Nuremberg Trials

Opening Address for the United States

Robert Jackson

This document was retrieved from the archives of Nizkor. Source: Nazi Conspiracy & Aggression, Volume I, Chapter VII, Office of the United States Chief Counsel for Prosecution of Axis Criminality, United States Government Printing Office, Washington, 1946.


A basic provision of the Charter is that to plan, prepare, initiate or wage a war of aggression, or a war in violation of international treaties, agreements, and assurances, or to conspire or participate in a common plan to do so is a crime.

[Page 166]

It is perhaps a weakness in this Charter that it fails itself to define a war of aggression. Abstractly, the subject is full of difficulty and all kinds of troublesome hypothetical cases can be conjured up. It is a subject which, if the defense should be permitted to go afield beyond the very narrow charge in the Indictment, would prolong the trial and involve the Tribunal in insoluble political issues. But so far as the question can properly be involved in this case, the issue is one of no novelty and is one on which legal opinion has well crystallized.

One of the most authoritative sources of International Law on this subject is the Convention for the Definition of Aggression signed at London on July 3rd, 1933 by Roumania, Estonia, Latvia, Poland, Turkey, The Soviet Union, Persia, and Afghanistan. The subject has also been considered by international committees and by commentators whose views are entitled to the greatest respect. It had been little discussed prior to the First World War but has received much attention as International Law has evolved its outlawry of aggressive war. In the light of these materials of International Law, and so far as relevant to the evidence in this case, I suggest' that an "aggressor" is generally held to be that state which is the first to commit any of the following actions:

(1) Declaration of war upon another State;

(2) Invasion by its armed forces, with or without a declaration war, of the territory of another State;

(3) Attack by its land, naval, or air forces, with or without a declaration of war, on the territory, vessels, or aircraft of another State;

(4) Provision of support to armed bands formed in the territory of another State, or refusal, notwithstanding the request of the invaded State, to take in its own territory, all the measures in its power to deprive those bands of all assistance or protection.

And I further suggest that it is the general view that no political, military, economic or other considerations shall serve as an excuse or justification for such actions; but exercise of the right of legitimate self-defense, that is to say, resistance to an act of aggression, or action to assist a State which has been subjected to aggression, shall not constitute a war of aggression.

It is upon such an understanding of the law that our evidence of a conspiracy to provoke and wage an aggressive war is prepared and presented.

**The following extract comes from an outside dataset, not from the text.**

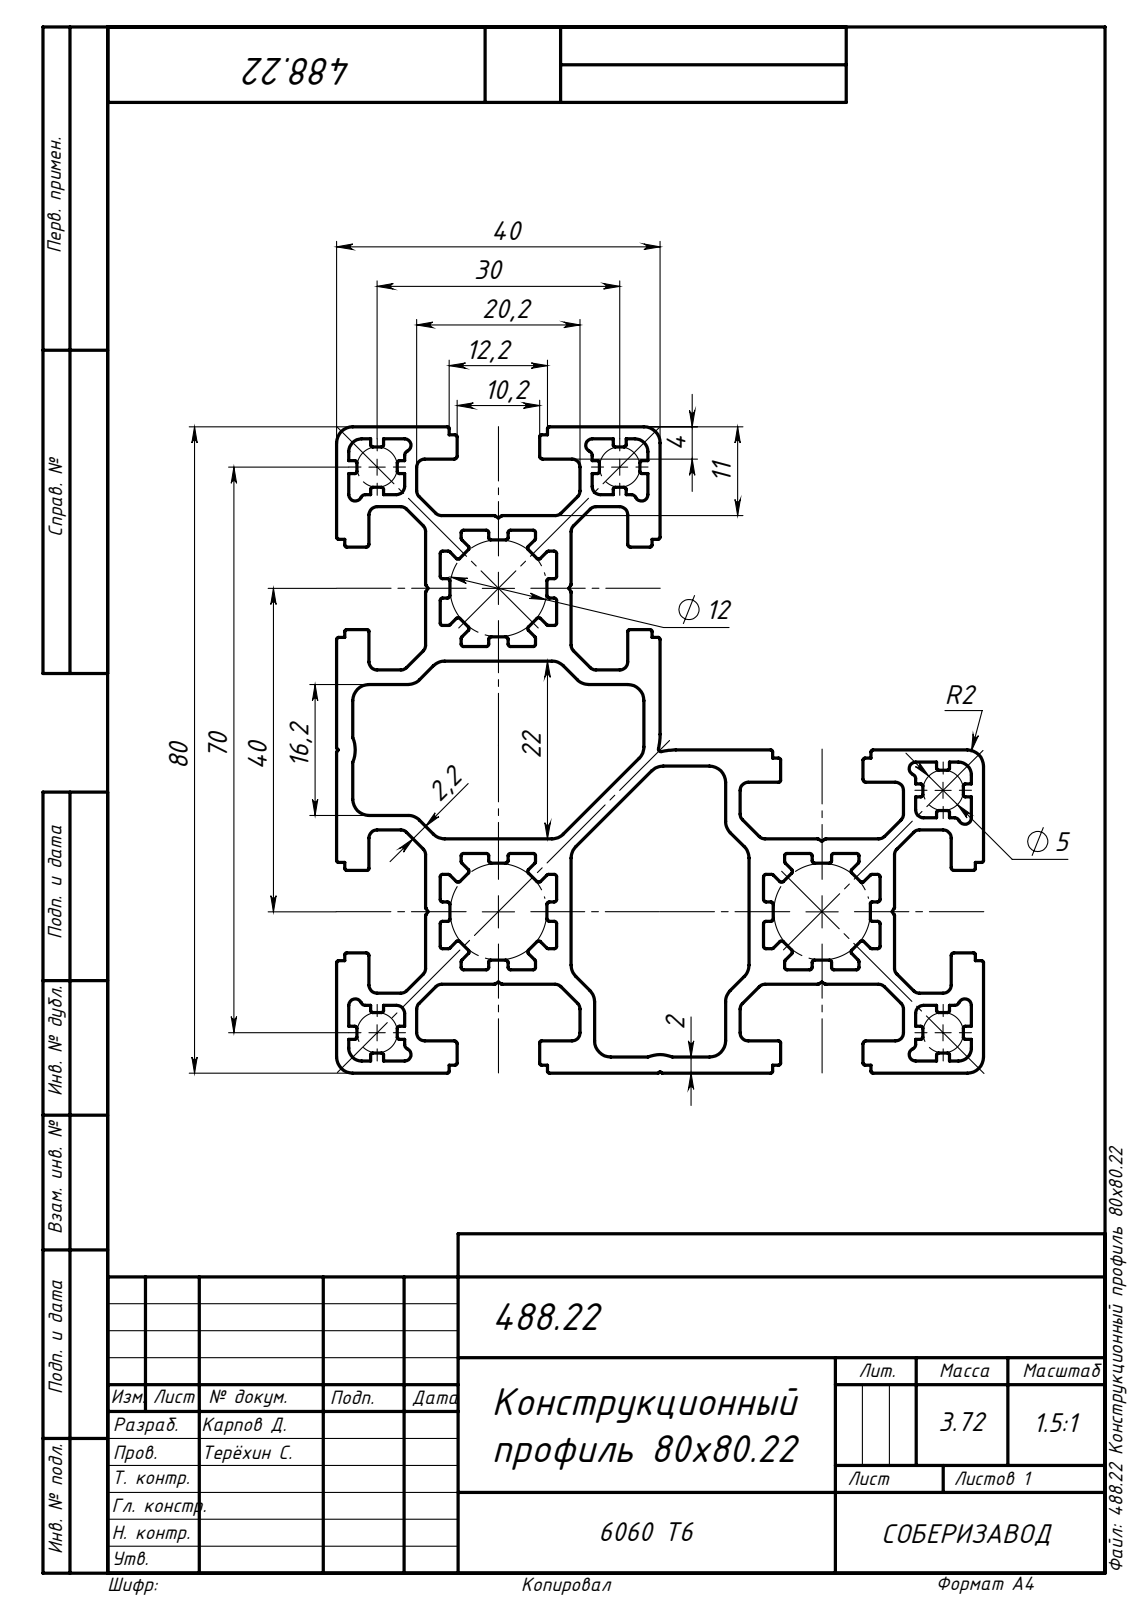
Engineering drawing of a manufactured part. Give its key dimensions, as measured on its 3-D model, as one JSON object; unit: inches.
{"part_name": "488.22 Конструкционный профиль 80х80.22", "step_written_by": "SolidWorks 2019 (AUTOMOTIVE_DESIGN)", "units": "inches", "bodies": {"solids": 1, "faces": 753, "planar": 399, "cylindrical": 354, "other": 0}, "overall_size": [39.37, 3.15, 3.15], "volume_in3": 84.09, "surface_area_in2": 1877, "partial_cylinders_radius": [[0.01, 114], [0.012, 101], [0.039, 53], [0.079, 27], [0.014, 10], [0.024, 10], [0.031, 10], [0.063, 5]], "face_to_face_distances": [1.575, 1.142, 0.433, 0.709, 2.008, 2.717, 0.752, 0.823, 0.157, 1.417]}

By this test each of the series of wars begun by these Nazi leaders was unambiguously aggressive.

[Page 167]

It is important to the duration and scope of this trial that we bear in mind the difference between our charge that this war wa one of aggression and a position that Germany had no grievances. We are not inquiring into the conditions which contributed to causing this war. They are for history to unravel. It is no part of our task to vindicate the European status quo as of 1933, or as of any other date. The United States does not desire to enter into discussion of the complicated pre-war currents of European politics, and it hopes this trial will not be protracted by their consideration. The remote causations avowed are too insincere and inconsistent, too complicated and doctrinaire to be the subject of profitable inquiry in this trial. A familiar example is to be found in the Lebensraum slogan, which summarized the contention that Germany needed more living space as a justification for expansion. At the same time that the Nazis were demanding more space for the German people, they were demanding more German people to occupy space. Every known means to increase the birth rate, legitimate and illegitimate, was utilized. Lebensraum represented a vicious circle of demand from neighbors more space, and from Germans more progeny. We do not need to investigate the verity of doctrines which led to constantly expanding circles of aggression. It is the plot and the act of aggression which we charge to be crimes.

Our position is that whatever grievances a nation may have, however objectionable it finds the status quo, aggressive warfare is an illegal means for settling those grievances or for altering those conditions. It may be that the Germany of the 1920's and 1930's faced desperate problems, problems that would have warranted the boldest measures short of war. All other methods -- persuasion, propaganda, economic competition, diplomacy -- were open to an aggrieved country, but aggressive warfare was outlawed. These defendants did make aggressive war, a war in violation of treaties. They did attack and invade their neighbors in order to effectuate a foreign policy which they knew could not be accomplished by measures short of war. And that is as far as we accuse or propose to inquire.